• [WORK TO BE COMPLETED] Output, exactly as written, the lines below from the one that has "Mux/1 -> MagicFormula/1" through the one that has "b_i : Outport"; nothing else, and no pictures.

• [INPUT RECORDS]

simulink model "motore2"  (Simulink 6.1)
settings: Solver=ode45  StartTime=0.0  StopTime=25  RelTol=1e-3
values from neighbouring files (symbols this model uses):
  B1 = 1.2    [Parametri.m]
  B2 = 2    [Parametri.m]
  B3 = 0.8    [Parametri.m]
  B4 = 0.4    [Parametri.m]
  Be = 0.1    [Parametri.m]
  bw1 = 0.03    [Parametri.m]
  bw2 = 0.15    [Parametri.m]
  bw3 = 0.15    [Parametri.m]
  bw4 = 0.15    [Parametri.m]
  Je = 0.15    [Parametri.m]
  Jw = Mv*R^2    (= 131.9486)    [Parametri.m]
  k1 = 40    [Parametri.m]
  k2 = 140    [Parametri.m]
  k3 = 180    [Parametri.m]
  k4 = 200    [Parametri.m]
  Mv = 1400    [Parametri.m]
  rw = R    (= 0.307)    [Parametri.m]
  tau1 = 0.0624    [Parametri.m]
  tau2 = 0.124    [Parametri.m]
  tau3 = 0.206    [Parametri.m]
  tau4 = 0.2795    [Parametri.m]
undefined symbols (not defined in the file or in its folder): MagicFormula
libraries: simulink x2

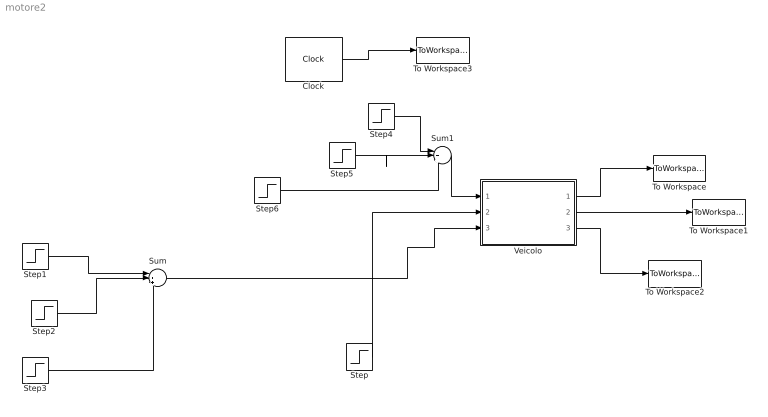
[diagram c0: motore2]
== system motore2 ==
  Clock : Clock
  Step : Step  After=150  SampleTime=0
  Step1 : Step  SampleTime=0
  Step2 : Step  Time=3  SampleTime=0
  Step3 : Step  Time=10  SampleTime=0
  Step4 : Step  Time=0  After=0.9  SampleTime=0
  Step5 : Step  Time=2  After=-0.4  SampleTime=0
  Step6 : Step  Time=4  After=+0.4  SampleTime=0
  Sum : Sum  Inputs=|+++
  Sum1 : Sum  Inputs=|+++
  To Workspace : ToWorkspace  VariableName=omegaw  SampleTime=-1  SaveFormat=Array
  To Workspace1 : ToWorkspace  VariableName=omegae  SampleTime=-1  SaveFormat=Array
  To Workspace2 : ToWorkspace  VariableName=v  SampleTime=-1  SaveFormat=Array
  To Workspace3 : ToWorkspace  VariableName=t  SampleTime=-1  SaveFormat=Array
  Veicolo : Subsystem
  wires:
  Sum/1 -> Veicolo/3(marcia corrente)
  Veicolo/1(omega_w) -> To Workspace/1
  Veicolo/2(omega_e) -> To Workspace1/1
  Veicolo/3(v_v) -> To Workspace2/1
  Clock/1 -> To Workspace3/1
  Step/1 -> Veicolo/2(accelleratore)
  Step1/1 -> Sum/1
  Step2/1 -> Sum/2
  Step3/1 -> Sum/3
  Sum1/1 -> Veicolo/1(mu)
  Step4/1 -> Sum1/1
  Step5/1 -> Sum1/2
  Step6/1 -> Sum1/3

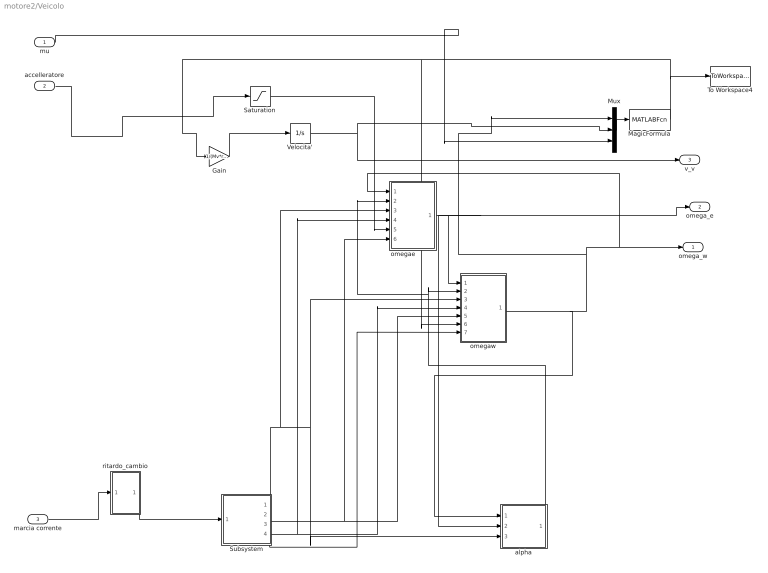
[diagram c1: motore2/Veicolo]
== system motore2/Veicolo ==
  mu : Inport  Port=1  LatchInput=off
  accelleratore : Inport  Port=2  LatchInput=off
  marcia corrente : Inport  Port=3  LatchInput=off
  Gain : Gain  Gain=1/(Mv*rw)
  MagicFormula : MATLABFcn  MATLABFcn=MagicFormula(u(1),u(2),u(3))  OutputDimensions=1
  Mux : Mux  Inputs=3
  Saturation : Saturate  UpperLimit=176  LowerLimit=-20
  Subsystem : Subsystem
  To Workspace4 : ToWorkspace  VariableName=Tw  SampleTime=-1  SaveFormat=Array
  Velocita' : Integrator  InitialCondition=0.1
  alpha : Subsystem
  omegae : Subsystem
  omegaw : Subsystem
  ritardo_cambio : Subsystem
  omega_w : Outport
  omega_e : Outport  Port=2
  v_v : Outport  Port=3
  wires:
  Gain/1 -> Velocita'/1
  Velocita'/1 -> v_v/1, Mux/2
  MagicFormula/1 -> omegaw/6(Tw), Gain/1, To Workspace4/1
  Subsystem/1(tau_i) -> alpha/3(taui), omegaw/3(taui), omegae/3(taui)
  Subsystem/2(b_i) -> omegaw/5(bi), omegae/6(bi)
  Subsystem/3(k_i) -> omegaw/4(ki), omegae/4(ki)
  alpha/1(alpha) -> omegaw/2(alpha), omegae/2(alpha)
  omegaw/1(omegaw) -> alpha/1(omegaw), omega_w/1, omegae/1(omegaw), Mux/1
  omegae/1(omegae) -> omegaw/1(omegae), omega_e/1, alpha/2(omegae)
  Subsystem/4(bw_i1) -> omegaw/7("bwi ")
  Mux/1 -> MagicFormula/1
  mu/1 -> Mux/3
  Saturation/1 -> omegae/5(Te)
  accelleratore/1 -> Saturation/1
  marcia corrente/1 -> ritardo_cambio/1(In1)
  ritardo_cambio/1(Out1) -> Subsystem/1(Marcia)

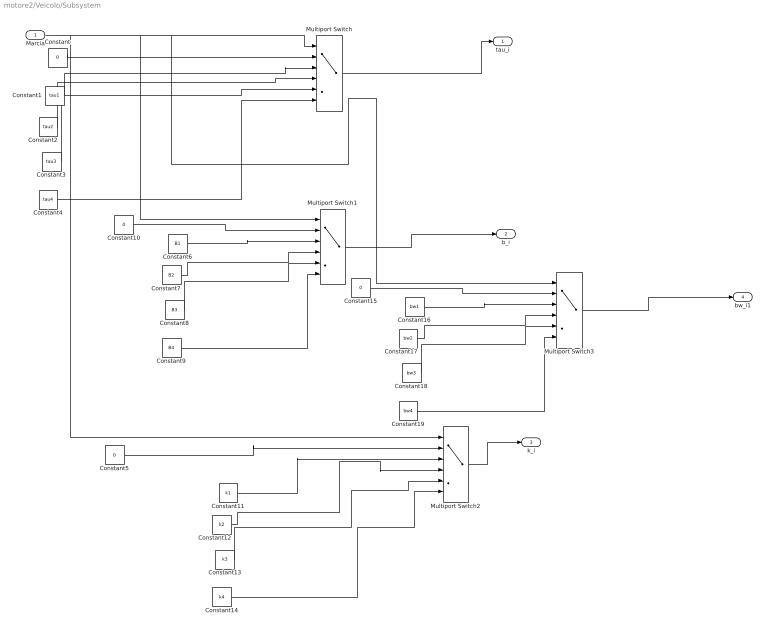
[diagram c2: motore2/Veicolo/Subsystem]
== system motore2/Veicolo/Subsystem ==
  Marcia : Inport  Port=1  LatchInput=off
  Constant{,5,10,15} (4 alike) : Constant  Value=0
  Constant1 : Constant  Value=tau1
  Constant11 : Constant  Value=k1
  Constant12 : Constant  Value=k2
  Constant13 : Constant  Value=k3
  Constant14 : Constant  Value=k4
  Constant16 : Constant  Value=bw1
  Constant17 : Constant  Value=bw2
  Constant18 : Constant  Value=bw3
  Constant19 : Constant  Value=bw4
  Constant2 : Constant  Value=tau2
  Constant3 : Constant  Value=tau3
  Constant4 : Constant  Value=tau4
  Constant6 : Constant  Value=B1
  Constant7 : Constant  Value=B2
  Constant8 : Constant  Value=B3
  Constant9 : Constant  Value=B4
  Multiport Switch{,1..3} (4 alike) : MultiPortSwitch  Inputs=5  zeroidx=on
  tau_i : Outport
  b_i : Outport  Port=2
  k_i : Outport  Port=3
  bw_i1 : Outport  Port=4
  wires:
  Marcia/1 -> Multiport Switch1/1, Multiport Switch/1, Multiport Switch3/1, Multiport Switch2/1
  Multiport Switch/1 -> tau_i/1
  Multiport Switch1/1 -> b_i/1
  Constant/1 -> Multiport Switch/2
  Constant1/1 -> Multiport Switch/3
  Constant2/1 -> Multiport Switch/4
  Constant3/1 -> Multiport Switch/5
  Constant4/1 -> Multiport Switch/6
  Constant5/1 -> Multiport Switch2/2
  Constant10/1 -> Multiport Switch1/2
  Constant6/1 -> Multiport Switch1/3
  Constant7/1 -> Multiport Switch1/4
  Constant8/1 -> Multiport Switch1/5
  Constant9/1 -> Multiport Switch1/6
  Constant11/1 -> Multiport Switch2/3
  Constant12/1 -> Multiport Switch2/4
  Constant13/1 -> Multiport Switch2/5
  Constant14/1 -> Multiport Switch2/6
  Multiport Switch2/1 -> k_i/1
  Multiport Switch3/1 -> bw_i1/1
  Constant15/1 -> Multiport Switch3/2
  Constant16/1 -> Multiport Switch3/3
  Constant17/1 -> Multiport Switch3/4
  Constant18/1 -> Multiport Switch3/5
  Constant19/1 -> Multiport Switch3/6

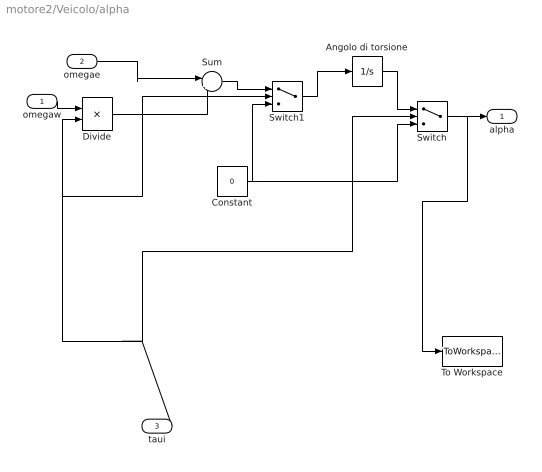
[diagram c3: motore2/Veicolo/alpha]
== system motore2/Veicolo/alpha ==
  omegaw : Inport  Port=1  LatchInput=off
  omegae : Inport  Port=2  LatchInput=off
  taui : Inport  Port=3  LatchInput=off
  Angolo di torsione : Integrator
  Constant : Constant  Value=0
  Divide : Product  Inputs=*/  OutScaling=2^-10
  Sum : Sum  Inputs=|+-
  Switch : Switch  Threshold=0.00001
  Switch1 : Switch  Threshold=0.00001
  To Workspace : ToWorkspace  VariableName=alpha  SampleTime=-1  SaveFormat=Array
  alpha : Outport
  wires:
  Angolo di torsione/1 -> Switch/1
  taui/1 -> Divide/2, Switch1/2, Switch/2
  Constant/1 -> Switch/3, Switch1/3
  Divide/1 -> Sum/2
  Switch/1 -> alpha/1, To Workspace/1
  omegaw/1 -> Divide/1
  omegae/1 -> Sum/1
  Switch1/1 -> Angolo di torsione/1
  Sum/1 -> Switch1/1

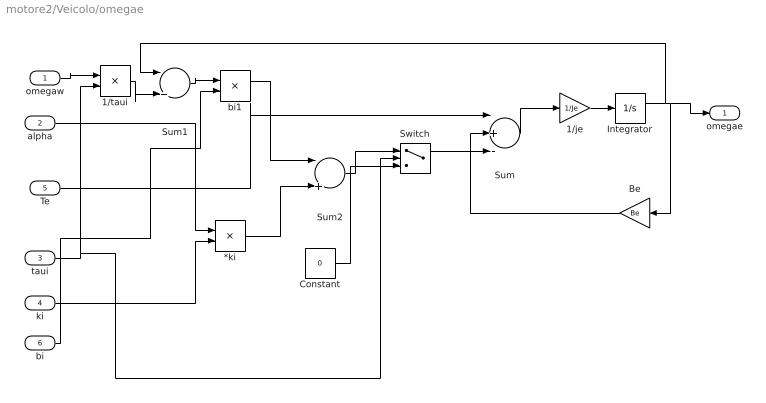
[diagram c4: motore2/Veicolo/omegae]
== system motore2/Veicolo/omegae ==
  omegaw : Inport  Port=1  LatchInput=off
  alpha : Inport  Port=2  LatchInput=off
  taui : Inport  Port=3  LatchInput=off
  ki : Inport  Port=4  LatchInput=off
  Te : Inport  Port=5  LatchInput=off
  bi : Inport  Port=6  LatchInput=off
  *ki : Product
  1/je : Gain  Gain=1/Je
  1/taui : Product  Inputs=*/  OutScaling=2^-10
  Be : Gain  Orientation=left  Gain=Be
  Constant : Constant  Value=0
  Integrator : Integrator
  Sum : Sum  Inputs=|+--
  Sum1 : Sum  Inputs=|+-
  Sum2 : Sum  Inputs=|++
  Switch : Switch  Threshold=0.00001
  bi1 : Product
  omegae : Outport
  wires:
  Integrator/1 -> omegae/1, Be/1, Sum1/1
  1/je/1 -> Integrator/1
  Sum/1 -> 1/je/1
  Be/1 -> Sum/2
  Te/1 -> Sum/1
  bi/1 -> bi1/2
  omegaw/1 -> 1/taui/1
  Sum1/1 -> bi1/1
  taui/1 -> 1/taui/2, Switch/2
  1/taui/1 -> Sum1/2
  ki/1 -> *ki/2
  alpha/1 -> *ki/1
  *ki/1 -> Sum2/2
  bi1/1 -> Sum2/1
  Switch/1 -> Sum/3
  Sum2/1 -> Switch/1
  Constant/1 -> Switch/3

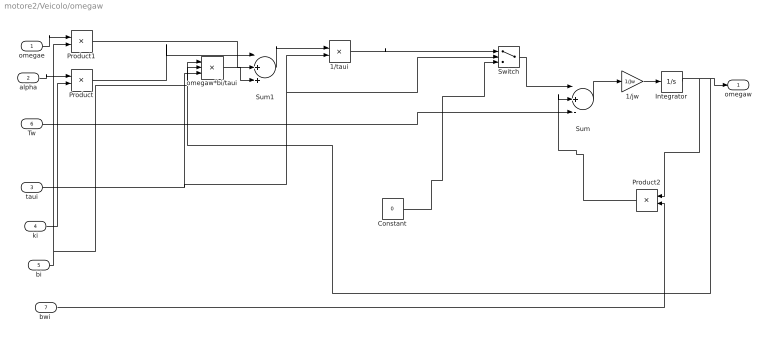
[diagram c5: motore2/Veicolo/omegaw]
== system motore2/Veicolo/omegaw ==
  omegae : Inport  Port=1  LatchInput=off
  alpha : Inport  Port=2  LatchInput=off
  taui : Inport  Port=3  LatchInput=off
  ki : Inport  Port=4  LatchInput=off
  bi : Inport  Port=5  LatchInput=off
  Tw : Inport  Port=6  LatchInput=off
  "bwi " : Inport  Port=7  LatchInput=off
  1/jw : Gain  Gain=1/Jw
  1/taui : Product  Inputs=*/  OutScaling=2^-10
  Constant : Constant  Value=0
  Integrator : Integrator
  Product : Product
  Product1 : Product
  Product2 : Product  Orientation=left
  Sum : Sum  Inputs=|+--
  Sum1 : Sum  Inputs=|++-
  Switch : Switch  Threshold=0.00001
  omegaw*bi/taui : Product  Inputs=**/  OutScaling=2^-10
  omegaw : Outport
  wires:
  Integrator/1 -> omegaw/1, omegaw*bi/taui/1, Product2/1
  1/jw/1 -> Integrator/1
  Sum/1 -> 1/jw/1
  Product2/1 -> Sum/2
  Tw/1 -> Sum/3
  alpha/1 -> Product/1
  ki/1 -> Product/2
  Sum1/1 -> 1/taui/1
  Product/1 -> Sum1/1
  taui/1 -> omegaw*bi/taui/3, 1/taui/2, Switch/2
  omegae/1 -> Product1/1
  bi/1 -> Product1/2, omegaw*bi/taui/2
  Product1/1 -> Sum1/2
  omegaw*bi/taui/1 -> Sum1/3
  "bwi "/1 -> Product2/2
  Switch/1 -> Sum/1
  1/taui/1 -> Switch/1
  Constant/1 -> Switch/3

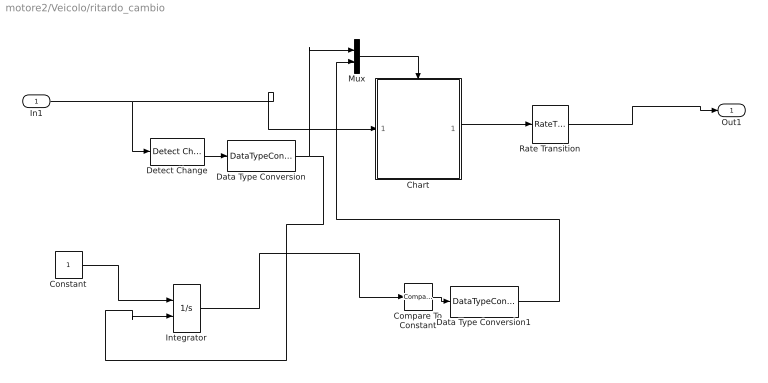
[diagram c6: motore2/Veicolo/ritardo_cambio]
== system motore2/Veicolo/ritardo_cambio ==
  In1 : Inport  Port=1  LatchInput=off
  Chart : Stateflow chart
  Compare To Constant : simulink/Logic and Bit Operations/Compare To Constant  relop=>=  const=1e-1  LogicOutDataTypeMode=uint8  ZeroCross=off
  Constant : Constant
  Data Type Conversion : DataTypeConversion
  Data Type Conversion1 : DataTypeConversion
  Detect Change : simulink/Logic and Bit Operations/Detect Change  vinit=0
  Integrator : Integrator  ExternalReset=either
  Mux : Mux  Inputs=2
  Rate Transition : RateTransition  OutPortSampleTime=0
  Out1 : Outport
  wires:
  Chart/1(marcia_out) -> Rate Transition/1
  Rate Transition/1 -> Out1/1
  In1/1 -> Chart/1(marcia), Detect Change/1
  Detect Change/1 -> Data Type Conversion/1
  Integrator/1 -> Compare To Constant/1
  Data Type Conversion/1 -> Integrator/2, Mux/1
  Constant/1 -> Integrator/1
  Mux/1 -> Chart/Trigger
  Compare To Constant/1 -> Data Type Conversion1/1
  Data Type Conversion1/1 -> Mux/2

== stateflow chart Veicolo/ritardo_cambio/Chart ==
  state s0
    en: marcia_out = marcia;
  state s1
    en:marcia_out = 0;
  (default) -> s0
  s0 -> s1 : trigger
  s1 -> s0 : CLK_EXPIRE

• [RESPONSE FOR THIS EXERCISE]
  Mux/1 -> MagicFormula/1
  mu/1 -> Mux/3
  Saturation/1 -> omegae/5(Te)
  accelleratore/1 -> Saturation/1
  marcia corrente/1 -> ritardo_cambio/1(In1)
  ritardo_cambio/1(Out1) -> Subsystem/1(Marcia)

[diagram c2: motore2/Veicolo/Subsystem]
== system motore2/Veicolo/Subsystem ==
  Marcia : Inport  Port=1  LatchInput=off
  Constant{,5,10,15} (4 alike) : Constant  Value=0
  Constant1 : Constant  Value=tau1
  Constant11 : Constant  Value=k1
  Constant12 : Constant  Value=k2
  Constant13 : Constant  Value=k3
  Constant14 : Constant  Value=k4
  Constant16 : Constant  Value=bw1
  Constant17 : Constant  Value=bw2
  Constant18 : Constant  Value=bw3
  Constant19 : Constant  Value=bw4
  Constant2 : Constant  Value=tau2
  Constant3 : Constant  Value=tau3
  Constant4 : Constant  Value=tau4
  Constant6 : Constant  Value=B1
  Constant7 : Constant  Value=B2
  Constant8 : Constant  Value=B3
  Constant9 : Constant  Value=B4
  Multiport Switch{,1..3} (4 alike) : MultiPortSwitch  Inputs=5  zeroidx=on
  tau_i : Outport
  b_i : Outport  Port=2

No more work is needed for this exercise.